* _DIRECTIONS_
From the entries that follow, list every line in which the string "rotation" appears.

* _PROVIDED INFORMATION_
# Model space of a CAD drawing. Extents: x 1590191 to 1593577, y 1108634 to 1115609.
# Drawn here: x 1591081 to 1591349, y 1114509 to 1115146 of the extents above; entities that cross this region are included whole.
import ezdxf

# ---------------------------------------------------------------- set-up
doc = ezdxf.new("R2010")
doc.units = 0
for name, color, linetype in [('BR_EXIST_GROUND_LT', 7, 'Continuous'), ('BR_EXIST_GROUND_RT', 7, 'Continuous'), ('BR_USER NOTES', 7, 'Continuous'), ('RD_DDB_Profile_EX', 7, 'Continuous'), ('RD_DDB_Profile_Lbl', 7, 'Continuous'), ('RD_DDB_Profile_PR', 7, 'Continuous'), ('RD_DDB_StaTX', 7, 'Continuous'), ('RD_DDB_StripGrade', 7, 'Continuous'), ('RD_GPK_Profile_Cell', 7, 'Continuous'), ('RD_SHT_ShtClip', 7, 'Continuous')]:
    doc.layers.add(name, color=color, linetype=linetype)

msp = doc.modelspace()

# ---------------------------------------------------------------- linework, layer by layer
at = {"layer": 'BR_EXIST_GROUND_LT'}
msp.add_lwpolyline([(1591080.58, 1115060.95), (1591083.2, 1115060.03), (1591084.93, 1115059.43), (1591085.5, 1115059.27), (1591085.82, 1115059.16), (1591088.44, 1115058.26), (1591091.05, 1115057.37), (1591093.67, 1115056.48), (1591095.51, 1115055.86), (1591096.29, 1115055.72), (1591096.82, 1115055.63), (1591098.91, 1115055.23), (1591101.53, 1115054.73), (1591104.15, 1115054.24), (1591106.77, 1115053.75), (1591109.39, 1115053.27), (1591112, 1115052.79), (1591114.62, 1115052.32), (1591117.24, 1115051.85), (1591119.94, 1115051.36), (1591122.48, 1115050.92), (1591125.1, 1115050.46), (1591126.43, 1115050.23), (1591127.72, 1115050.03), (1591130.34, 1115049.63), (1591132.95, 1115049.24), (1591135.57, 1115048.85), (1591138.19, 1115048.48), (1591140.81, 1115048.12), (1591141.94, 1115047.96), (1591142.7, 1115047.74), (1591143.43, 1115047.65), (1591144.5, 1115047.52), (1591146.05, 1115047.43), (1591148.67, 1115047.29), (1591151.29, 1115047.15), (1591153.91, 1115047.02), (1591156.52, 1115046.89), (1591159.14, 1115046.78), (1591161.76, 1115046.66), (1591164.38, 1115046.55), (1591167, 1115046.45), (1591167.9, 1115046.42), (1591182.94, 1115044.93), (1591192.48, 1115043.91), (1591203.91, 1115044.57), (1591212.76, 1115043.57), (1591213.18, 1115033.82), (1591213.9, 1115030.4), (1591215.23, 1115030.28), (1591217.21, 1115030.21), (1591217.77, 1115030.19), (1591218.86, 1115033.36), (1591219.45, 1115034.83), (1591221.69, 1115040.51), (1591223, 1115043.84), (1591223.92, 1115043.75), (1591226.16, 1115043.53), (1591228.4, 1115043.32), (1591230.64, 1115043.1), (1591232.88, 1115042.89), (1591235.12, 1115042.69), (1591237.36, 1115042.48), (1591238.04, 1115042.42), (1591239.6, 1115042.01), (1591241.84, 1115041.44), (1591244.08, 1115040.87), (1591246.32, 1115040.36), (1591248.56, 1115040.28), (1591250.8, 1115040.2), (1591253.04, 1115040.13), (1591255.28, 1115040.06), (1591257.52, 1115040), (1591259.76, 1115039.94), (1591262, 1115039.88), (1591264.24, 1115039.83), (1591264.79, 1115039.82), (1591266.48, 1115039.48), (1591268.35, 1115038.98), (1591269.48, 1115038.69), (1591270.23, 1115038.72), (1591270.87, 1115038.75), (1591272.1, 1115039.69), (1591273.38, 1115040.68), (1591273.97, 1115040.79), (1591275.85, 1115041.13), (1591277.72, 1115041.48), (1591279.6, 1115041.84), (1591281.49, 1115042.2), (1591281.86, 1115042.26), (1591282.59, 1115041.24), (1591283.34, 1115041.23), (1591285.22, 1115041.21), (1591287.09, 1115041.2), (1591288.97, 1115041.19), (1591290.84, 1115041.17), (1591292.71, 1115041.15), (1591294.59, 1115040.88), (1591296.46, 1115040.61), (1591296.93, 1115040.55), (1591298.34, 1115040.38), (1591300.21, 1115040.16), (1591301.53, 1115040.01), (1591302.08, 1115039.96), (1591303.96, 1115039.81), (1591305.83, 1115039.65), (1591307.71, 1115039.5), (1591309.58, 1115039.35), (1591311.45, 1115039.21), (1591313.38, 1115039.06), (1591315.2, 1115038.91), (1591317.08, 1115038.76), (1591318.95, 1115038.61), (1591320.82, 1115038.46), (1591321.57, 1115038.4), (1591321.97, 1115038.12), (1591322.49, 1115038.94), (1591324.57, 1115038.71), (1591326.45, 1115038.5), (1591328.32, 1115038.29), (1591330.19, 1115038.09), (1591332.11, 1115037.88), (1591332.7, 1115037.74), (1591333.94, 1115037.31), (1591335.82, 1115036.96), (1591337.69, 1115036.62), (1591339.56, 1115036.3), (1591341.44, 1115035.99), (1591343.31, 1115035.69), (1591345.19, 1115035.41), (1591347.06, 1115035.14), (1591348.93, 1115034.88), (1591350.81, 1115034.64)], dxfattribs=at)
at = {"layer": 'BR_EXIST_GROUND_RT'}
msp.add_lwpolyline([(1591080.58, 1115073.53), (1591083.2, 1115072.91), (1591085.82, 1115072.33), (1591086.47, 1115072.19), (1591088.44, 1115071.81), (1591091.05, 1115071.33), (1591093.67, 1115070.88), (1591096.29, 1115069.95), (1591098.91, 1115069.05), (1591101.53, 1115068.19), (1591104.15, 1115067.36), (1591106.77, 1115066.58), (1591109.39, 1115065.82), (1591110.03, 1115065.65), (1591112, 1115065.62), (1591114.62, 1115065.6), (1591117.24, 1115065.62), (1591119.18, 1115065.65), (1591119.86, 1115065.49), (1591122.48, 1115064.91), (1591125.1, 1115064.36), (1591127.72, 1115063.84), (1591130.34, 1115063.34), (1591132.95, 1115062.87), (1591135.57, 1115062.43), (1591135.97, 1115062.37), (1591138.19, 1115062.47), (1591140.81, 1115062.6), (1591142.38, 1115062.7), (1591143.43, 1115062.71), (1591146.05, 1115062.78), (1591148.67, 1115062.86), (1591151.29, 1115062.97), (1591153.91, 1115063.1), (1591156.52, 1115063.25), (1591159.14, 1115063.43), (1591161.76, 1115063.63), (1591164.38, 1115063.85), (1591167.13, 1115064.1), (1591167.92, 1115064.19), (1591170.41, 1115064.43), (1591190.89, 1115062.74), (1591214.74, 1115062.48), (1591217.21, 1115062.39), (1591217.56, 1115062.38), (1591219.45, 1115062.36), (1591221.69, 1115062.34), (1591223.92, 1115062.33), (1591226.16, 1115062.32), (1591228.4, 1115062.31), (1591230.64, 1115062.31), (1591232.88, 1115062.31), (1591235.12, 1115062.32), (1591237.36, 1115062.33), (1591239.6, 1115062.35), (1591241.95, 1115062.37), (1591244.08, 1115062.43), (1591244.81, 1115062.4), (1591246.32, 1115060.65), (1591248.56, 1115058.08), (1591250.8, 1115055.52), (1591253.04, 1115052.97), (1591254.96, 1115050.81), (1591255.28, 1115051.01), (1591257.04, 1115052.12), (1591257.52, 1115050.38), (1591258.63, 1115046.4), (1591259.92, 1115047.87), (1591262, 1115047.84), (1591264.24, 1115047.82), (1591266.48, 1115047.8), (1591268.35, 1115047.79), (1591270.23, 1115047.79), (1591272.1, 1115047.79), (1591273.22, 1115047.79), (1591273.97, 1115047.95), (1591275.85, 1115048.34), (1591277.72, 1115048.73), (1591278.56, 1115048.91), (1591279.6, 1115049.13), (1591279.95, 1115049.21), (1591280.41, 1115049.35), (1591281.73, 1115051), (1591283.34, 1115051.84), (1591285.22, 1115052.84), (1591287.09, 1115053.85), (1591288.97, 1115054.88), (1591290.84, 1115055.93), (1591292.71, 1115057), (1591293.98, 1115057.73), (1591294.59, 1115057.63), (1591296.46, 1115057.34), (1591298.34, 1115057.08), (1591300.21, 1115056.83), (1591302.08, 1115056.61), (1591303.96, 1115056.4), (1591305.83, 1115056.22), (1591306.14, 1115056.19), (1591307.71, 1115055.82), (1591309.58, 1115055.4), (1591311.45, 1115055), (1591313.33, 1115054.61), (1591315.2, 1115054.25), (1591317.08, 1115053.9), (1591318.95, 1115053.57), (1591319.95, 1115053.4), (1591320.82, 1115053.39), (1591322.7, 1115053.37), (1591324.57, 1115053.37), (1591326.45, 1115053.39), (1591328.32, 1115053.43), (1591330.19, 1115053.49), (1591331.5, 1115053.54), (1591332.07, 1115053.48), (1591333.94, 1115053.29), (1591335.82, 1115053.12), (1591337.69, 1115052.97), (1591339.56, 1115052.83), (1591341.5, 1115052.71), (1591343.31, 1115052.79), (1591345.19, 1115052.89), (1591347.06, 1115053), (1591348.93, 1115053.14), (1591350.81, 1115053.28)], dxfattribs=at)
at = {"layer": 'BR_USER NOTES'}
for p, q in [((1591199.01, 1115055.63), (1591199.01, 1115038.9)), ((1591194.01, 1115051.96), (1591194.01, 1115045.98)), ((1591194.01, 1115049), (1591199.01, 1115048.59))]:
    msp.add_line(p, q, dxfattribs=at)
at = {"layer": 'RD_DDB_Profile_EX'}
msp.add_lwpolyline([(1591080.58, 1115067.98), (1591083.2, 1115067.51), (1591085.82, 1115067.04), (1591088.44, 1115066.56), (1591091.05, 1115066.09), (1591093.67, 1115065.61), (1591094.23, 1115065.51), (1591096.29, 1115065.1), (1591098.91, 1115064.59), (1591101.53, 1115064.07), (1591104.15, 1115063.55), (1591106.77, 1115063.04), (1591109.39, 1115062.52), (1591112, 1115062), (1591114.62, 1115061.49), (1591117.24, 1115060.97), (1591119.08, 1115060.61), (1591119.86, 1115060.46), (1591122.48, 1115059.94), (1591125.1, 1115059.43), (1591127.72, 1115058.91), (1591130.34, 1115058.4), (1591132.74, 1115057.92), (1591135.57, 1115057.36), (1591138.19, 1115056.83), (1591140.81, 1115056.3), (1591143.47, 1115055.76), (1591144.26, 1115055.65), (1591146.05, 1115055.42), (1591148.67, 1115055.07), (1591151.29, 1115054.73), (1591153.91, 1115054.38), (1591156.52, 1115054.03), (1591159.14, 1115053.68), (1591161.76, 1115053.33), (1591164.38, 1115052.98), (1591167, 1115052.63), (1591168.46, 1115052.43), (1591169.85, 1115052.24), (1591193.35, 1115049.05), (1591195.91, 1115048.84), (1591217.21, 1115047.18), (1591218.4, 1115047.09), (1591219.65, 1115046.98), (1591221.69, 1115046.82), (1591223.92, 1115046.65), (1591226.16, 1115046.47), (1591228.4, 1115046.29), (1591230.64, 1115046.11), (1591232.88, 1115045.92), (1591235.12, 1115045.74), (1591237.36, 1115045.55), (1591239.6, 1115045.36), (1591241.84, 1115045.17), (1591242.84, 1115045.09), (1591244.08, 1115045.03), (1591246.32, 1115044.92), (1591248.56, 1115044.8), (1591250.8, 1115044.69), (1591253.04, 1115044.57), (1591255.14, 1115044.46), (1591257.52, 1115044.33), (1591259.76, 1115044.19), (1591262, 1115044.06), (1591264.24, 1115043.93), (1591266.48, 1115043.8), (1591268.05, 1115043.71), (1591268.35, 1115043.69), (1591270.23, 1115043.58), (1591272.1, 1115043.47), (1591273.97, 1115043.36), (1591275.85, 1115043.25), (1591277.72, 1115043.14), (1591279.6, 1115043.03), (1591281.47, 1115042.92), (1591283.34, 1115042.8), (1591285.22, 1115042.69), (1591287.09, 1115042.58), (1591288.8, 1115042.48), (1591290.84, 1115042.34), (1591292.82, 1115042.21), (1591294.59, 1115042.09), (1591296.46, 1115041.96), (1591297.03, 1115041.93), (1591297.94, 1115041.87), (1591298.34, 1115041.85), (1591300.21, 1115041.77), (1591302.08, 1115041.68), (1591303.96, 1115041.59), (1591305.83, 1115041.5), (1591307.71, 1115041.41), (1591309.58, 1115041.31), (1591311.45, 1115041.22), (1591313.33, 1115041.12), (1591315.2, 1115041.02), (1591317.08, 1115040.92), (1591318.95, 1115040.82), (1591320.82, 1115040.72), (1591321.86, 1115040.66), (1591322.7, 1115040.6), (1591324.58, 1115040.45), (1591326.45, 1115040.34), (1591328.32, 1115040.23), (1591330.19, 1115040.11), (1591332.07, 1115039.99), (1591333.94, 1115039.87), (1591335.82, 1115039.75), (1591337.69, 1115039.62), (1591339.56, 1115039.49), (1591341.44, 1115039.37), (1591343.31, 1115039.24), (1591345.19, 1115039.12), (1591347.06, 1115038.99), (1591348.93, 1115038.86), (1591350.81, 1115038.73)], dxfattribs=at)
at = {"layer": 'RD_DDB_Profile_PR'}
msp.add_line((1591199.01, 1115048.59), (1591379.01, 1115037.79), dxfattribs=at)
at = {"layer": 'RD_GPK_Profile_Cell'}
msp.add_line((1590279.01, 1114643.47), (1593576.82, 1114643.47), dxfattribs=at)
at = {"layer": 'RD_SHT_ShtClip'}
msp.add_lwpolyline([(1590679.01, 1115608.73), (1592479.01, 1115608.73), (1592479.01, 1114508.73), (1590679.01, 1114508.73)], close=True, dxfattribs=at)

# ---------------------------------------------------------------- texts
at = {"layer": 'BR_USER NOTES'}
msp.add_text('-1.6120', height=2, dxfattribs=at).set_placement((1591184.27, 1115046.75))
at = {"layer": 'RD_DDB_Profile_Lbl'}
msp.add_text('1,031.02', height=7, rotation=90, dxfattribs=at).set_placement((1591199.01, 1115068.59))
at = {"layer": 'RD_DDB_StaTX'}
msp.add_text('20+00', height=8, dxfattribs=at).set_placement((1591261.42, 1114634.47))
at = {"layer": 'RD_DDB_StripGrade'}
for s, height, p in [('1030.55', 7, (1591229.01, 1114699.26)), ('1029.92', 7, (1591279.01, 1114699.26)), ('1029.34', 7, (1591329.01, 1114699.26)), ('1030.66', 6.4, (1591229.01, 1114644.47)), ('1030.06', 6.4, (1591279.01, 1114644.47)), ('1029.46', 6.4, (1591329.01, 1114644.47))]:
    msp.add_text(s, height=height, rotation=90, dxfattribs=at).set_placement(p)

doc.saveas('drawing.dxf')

* _WRITTEN RESPONSE_
msp.add_text('1,031.02', height=7, rotation=90, dxfattribs=at).set_placement((1591199.01, 1115068.59))
    msp.add_text(s, height=height, rotation=90, dxfattribs=at).set_placement(p)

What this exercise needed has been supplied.